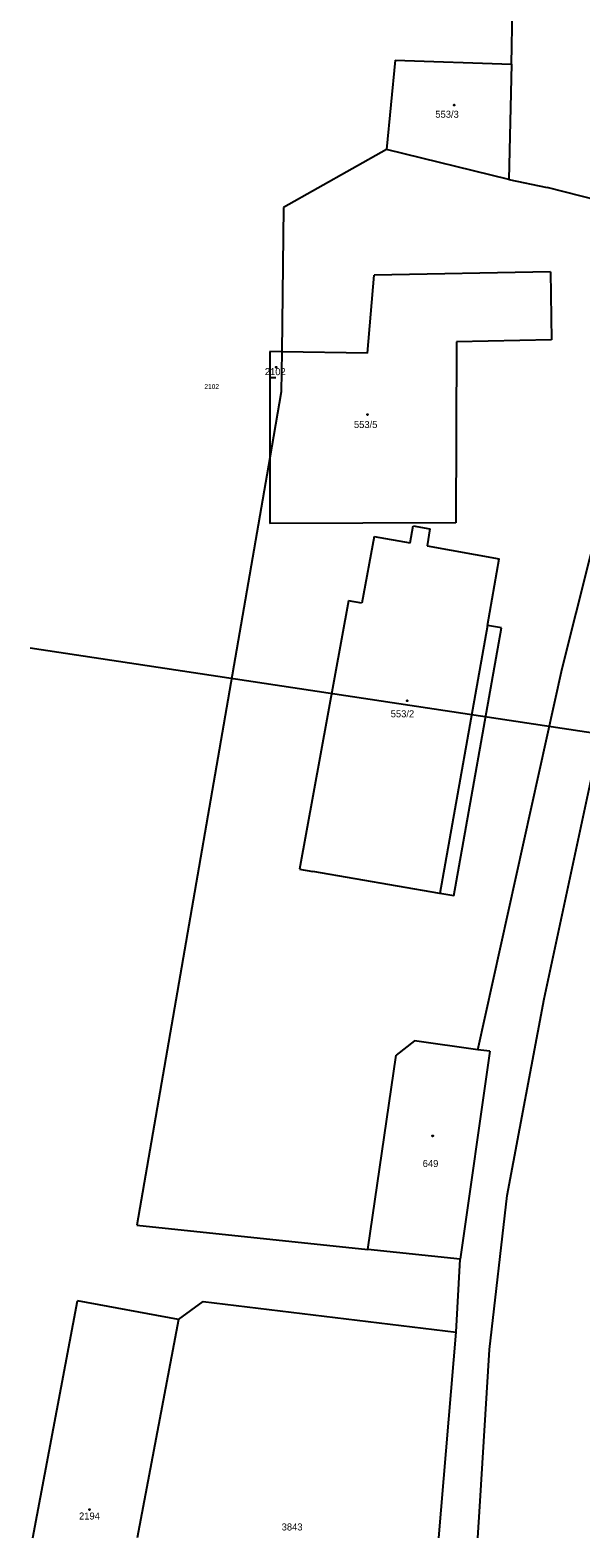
# Model space of a CAD drawing. Extents: x -866624 to -866276, y -1050208 to -1049940.
# Drawn here: x -866507.6 to -866468.3, y -1050208.1 to -1050100.7 of the extents above; entities that cross this region are included whole.
import ezdxf

# ---------------------------------------------------------------- set-up
doc = ezdxf.new("R2010")
doc.units = 0
for name, color, linetype in [('_FORMATY', 7, 'Continuous'), ('Default', 7, 'Continuous'), ('Hranice', 7, 'Continuous'), ('Hranice další', 7, 'Continuous'), ('Hranice-budov', 7, 'Continuous'), ('Parcela-pozemkova', 7, 'Continuous'), ('Parcela-stavebni', 7, 'Continuous'), ('Parcelni-cisla-pomocna', 7, 'Continuous'), ('znacky-budov', 7, 'Continuous')]:
    doc.layers.add(name, color=color, linetype=linetype)

# ---------------------------------------------------------------- blocks, each defined once
blk = doc.blocks.new('s_zdena')
at = {"layer": 'Default'}
blk.add_circle((0, 0), 0.175, dxfattribs=at)
for start, end in [(0, 180), (180, 0)]:
    blk.add_arc((0, 0), 0.0875, start, end, dxfattribs=at)

msp = doc.modelspace()

# ---------------------------------------------------------------- linework, layer by layer
at = {"layer": '_FORMATY'}
msp.add_line((-866507.55, -1050144.69), (-866448.82, -1050153.56), dxfattribs=at)
at = {"layer": 'Hranice'}
for p, q in [((-866473.26, -1050103.09), (-866473.17, -1050099.15)), ((-866481.54, -1050102.8), (-866482.16, -1050109.18)), ((-866481.54, -1050102.8), (-866473.26, -1050103.09)), ((-866473.26, -1050103.09), (-866473.45, -1050111.3)), ((-866482.16, -1050109.18), (-866489.5, -1050113.31)), ((-866473.45, -1050111.3), (-866482.16, -1050109.18)), ((-866473.45, -1050111.3), (-866470.72, -1050111.89)), ((-866463.4, -1050113.74), (-866470.72, -1050111.89)), ((-866489.5, -1050113.31), (-866489.63, -1050123.59)), ((-866483.51, -1050123.69), (-866483.03, -1050118.14)), ((-866470.47, -1050117.89), (-866483.03, -1050118.14)), ((-866470.47, -1050117.89), (-866470.41, -1050122.74)), ((-866477.18, -1050122.88), (-866477.21, -1050135.78)), ((-866470.41, -1050122.74), (-866477.18, -1050122.88)), ((-866490.47, -1050123.58), (-866490.48, -1050131.16)), ((-866489.63, -1050123.59), (-866490.47, -1050123.58)), ((-866489.63, -1050123.59), (-866489.66, -1050126.44)), ((-866483.51, -1050123.69), (-866489.63, -1050123.59)), ((-866489.66, -1050126.44), (-866490.48, -1050131.16)), ((-866490.48, -1050131.16), (-866499.94, -1050185.85)), ((-866490.48, -1050131.16), (-866490.48, -1050135.83)), ((-866470.92, -1050169.71), (-866463.14, -1050133.28)), ((-866469.64, -1050146.17), (-866466.62, -1050134.17)), ((-866477.21, -1050135.78), (-866490.48, -1050135.83)), ((-866475.65, -1050173.36), (-866469.64, -1050146.17)), ((-866473.56, -1050183.73), (-866470.92, -1050169.71)), ((-866480.17, -1050172.72), (-866481.46, -1050173.74)), ((-866475.65, -1050173.36), (-866480.17, -1050172.72)), ((-866474.8, -1050173.45), (-866476.9, -1050188.27)), ((-866474.8, -1050173.45), (-866475.65, -1050173.36)), ((-866483.49, -1050187.58), (-866481.46, -1050173.74)), ((-866474.82, -1050194.73), (-866473.56, -1050183.73)), ((-866499.94, -1050185.85), (-866483.49, -1050187.58)), ((-866476.9, -1050188.27), (-866483.49, -1050187.58)), ((-866477.19, -1050193.48), (-866476.9, -1050188.27)), ((-866507.36, -1050208.15), (-866504.19, -1050191.24)), ((-866496.99, -1050192.59), (-866504.19, -1050191.24)), ((-866496.99, -1050192.59), (-866495.23, -1050191.3)), ((-866495.23, -1050191.3), (-866477.19, -1050193.48)), ((-866496.99, -1050192.59), (-866499.92, -1050208.15)), ((-866478.43, -1050208.15), (-866477.19, -1050193.48)), ((-866475.52, -1050205.91), (-866474.82, -1050194.73)), ((-866475.64, -1050208.15), (-866475.52, -1050205.91))]:
    msp.add_line(p, q, dxfattribs=at)
at = {"layer": 'Hranice další'}
for p, q in [((-866483.04, -1050136.76), (-866483.91, -1050141.52)), ((-866483.04, -1050136.76), (-866480.47, -1050137.22)), ((-866480.47, -1050137.22), (-866480.25, -1050136.01)), ((-866480.25, -1050136.01), (-866479.06, -1050136.22)), ((-866479.06, -1050136.22), (-866479.27, -1050137.43)), ((-866479.27, -1050137.43), (-866474.12, -1050138.35)), ((-866474.96, -1050143.1), (-866474.12, -1050138.35)), ((-866484.86, -1050141.34), (-866488.37, -1050160.47)), ((-866483.91, -1050141.52), (-866484.86, -1050141.34)), ((-866474.96, -1050143.1), (-866478.35, -1050162.2)), ((-866477.36, -1050162.38), (-866473.97, -1050143.28)), ((-866473.97, -1050143.28), (-866474.96, -1050143.1)), ((-866488.37, -1050160.47), (-866487.42, -1050160.64)), ((-866478.35, -1050162.2), (-866487.42, -1050160.64)), ((-866477.36, -1050162.38), (-866478.35, -1050162.2))]:
    msp.add_line(p, q, dxfattribs=at)
at = {"layer": 'Hranice-budov'}
for p, q in [((-866481.54, -1050102.8), (-866482.16, -1050109.18)), ((-866481.54, -1050102.8), (-866473.26, -1050103.09)), ((-866473.26, -1050103.09), (-866473.45, -1050111.3)), ((-866473.45, -1050111.3), (-866482.16, -1050109.18)), ((-866483.51, -1050123.69), (-866483.03, -1050118.14)), ((-866470.47, -1050117.89), (-866483.03, -1050118.14)), ((-866470.47, -1050117.89), (-866470.41, -1050122.74)), ((-866477.18, -1050122.88), (-866477.21, -1050135.78)), ((-866470.41, -1050122.74), (-866477.18, -1050122.88)), ((-866490.47, -1050123.58), (-866490.48, -1050131.16)), ((-866489.63, -1050123.59), (-866490.47, -1050123.58)), ((-866483.51, -1050123.69), (-866489.63, -1050123.59)), ((-866490.48, -1050131.16), (-866490.48, -1050135.83)), ((-866477.21, -1050135.78), (-866490.48, -1050135.83)), ((-866483.04, -1050136.76), (-866483.91, -1050141.52)), ((-866483.04, -1050136.76), (-866480.47, -1050137.22)), ((-866480.47, -1050137.22), (-866480.25, -1050136.01)), ((-866480.25, -1050136.01), (-866479.06, -1050136.22)), ((-866479.06, -1050136.22), (-866479.27, -1050137.43)), ((-866479.27, -1050137.43), (-866474.12, -1050138.35)), ((-866474.96, -1050143.1), (-866474.12, -1050138.35)), ((-866484.86, -1050141.34), (-866488.37, -1050160.47)), ((-866483.91, -1050141.52), (-866484.86, -1050141.34)), ((-866474.96, -1050143.1), (-866478.35, -1050162.2)), ((-866488.37, -1050160.47), (-866487.42, -1050160.64)), ((-866478.35, -1050162.2), (-866487.42, -1050160.64)), ((-866480.17, -1050172.72), (-866481.46, -1050173.74)), ((-866475.65, -1050173.36), (-866480.17, -1050172.72)), ((-866474.8, -1050173.45), (-866476.9, -1050188.27)), ((-866474.8, -1050173.45), (-866475.65, -1050173.36)), ((-866483.49, -1050187.58), (-866481.46, -1050173.74)), ((-866476.9, -1050188.27), (-866483.49, -1050187.58)), ((-866507.36, -1050208.15), (-866504.19, -1050191.24)), ((-866496.99, -1050192.59), (-866504.19, -1050191.24)), ((-866496.99, -1050192.59), (-866499.92, -1050208.15))]:
    msp.add_line(p, q, dxfattribs=at)
at = {"layer": 'Parcelni-cisla-pomocna'}
msp.add_line((-866490.45, -1050125.43), (-866490.05, -1050125.43), dxfattribs=at)

# ---------------------------------------------------------------- block references
at = {"layer": 'znacky-budov', "xscale": 0.2, "yscale": 0.20000000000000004}
for p in [(-866477.34, -1050106.01), (-866490.03, -1050124.7), (-866483.51, -1050128.07), (-866480.69, -1050148.47), (-866478.87, -1050179.49), (-866503.32, -1050206.13)]:
    msp.add_blockref('s_zdena', p, dxfattribs=at)

# ---------------------------------------------------------------- texts
at = {"layer": 'Parcela-pozemkova'}
msp.add_text('3843', height=0.5, dxfattribs=at).set_placement((-866489.63, -1050207.62))
at = {"layer": 'Parcela-stavebni'}
for s, p in [('553/3', (-866478.68, -1050106.91)), ('2102', (-866490.83, -1050125.26)), ('553/5', (-866484.48, -1050129.03)), ('553/2', (-866481.86, -1050149.65)), ('649', (-866479.58, -1050181.71)), ('2194', (-866504.07, -1050206.84))]:
    msp.add_text(s, height=0.5, dxfattribs=at).set_placement(p)
at = {"layer": 'Parcelni-cisla-pomocna'}
msp.add_text('2102', height=0.34, dxfattribs=at).set_placement((-866495.14, -1050126.24))

doc.saveas('drawing.dxf')

PROBLEM STATEMENT
Your answer must be an exact transcription of the lines from the one containing "(-866490.05, -1050125.43), dxfattribs=at)" through the last line of the records above, and nothing else.

EXERCISE RESULT
msp.add_line((-866490.45, -1050125.43), (-866490.05, -1050125.43), dxfattribs=at)

# ---------------------------------------------------------------- block references
at = {"layer": 'znacky-budov', "xscale": 0.2, "yscale": 0.20000000000000004}
for p in [(-866477.34, -1050106.01), (-866490.03, -1050124.7), (-866483.51, -1050128.07), (-866480.69, -1050148.47), (-866478.87, -1050179.49), (-866503.32, -1050206.13)]:
    msp.add_blockref('s_zdena', p, dxfattribs=at)

# ---------------------------------------------------------------- texts
at = {"layer": 'Parcela-pozemkova'}
msp.add_text('3843', height=0.5, dxfattribs=at).set_placement((-866489.63, -1050207.62))
at = {"layer": 'Parcela-stavebni'}
for s, p in [('553/3', (-866478.68, -1050106.91)), ('2102', (-866490.83, -1050125.26)), ('553/5', (-866484.48, -1050129.03)), ('553/2', (-866481.86, -1050149.65)), ('649', (-866479.58, -1050181.71)), ('2194', (-866504.07, -1050206.84))]:
    msp.add_text(s, height=0.5, dxfattribs=at).set_placement(p)
at = {"layer": 'Parcelni-cisla-pomocna'}
msp.add_text('2102', height=0.34, dxfattribs=at).set_placement((-866495.14, -1050126.24))

doc.saveas('drawing.dxf')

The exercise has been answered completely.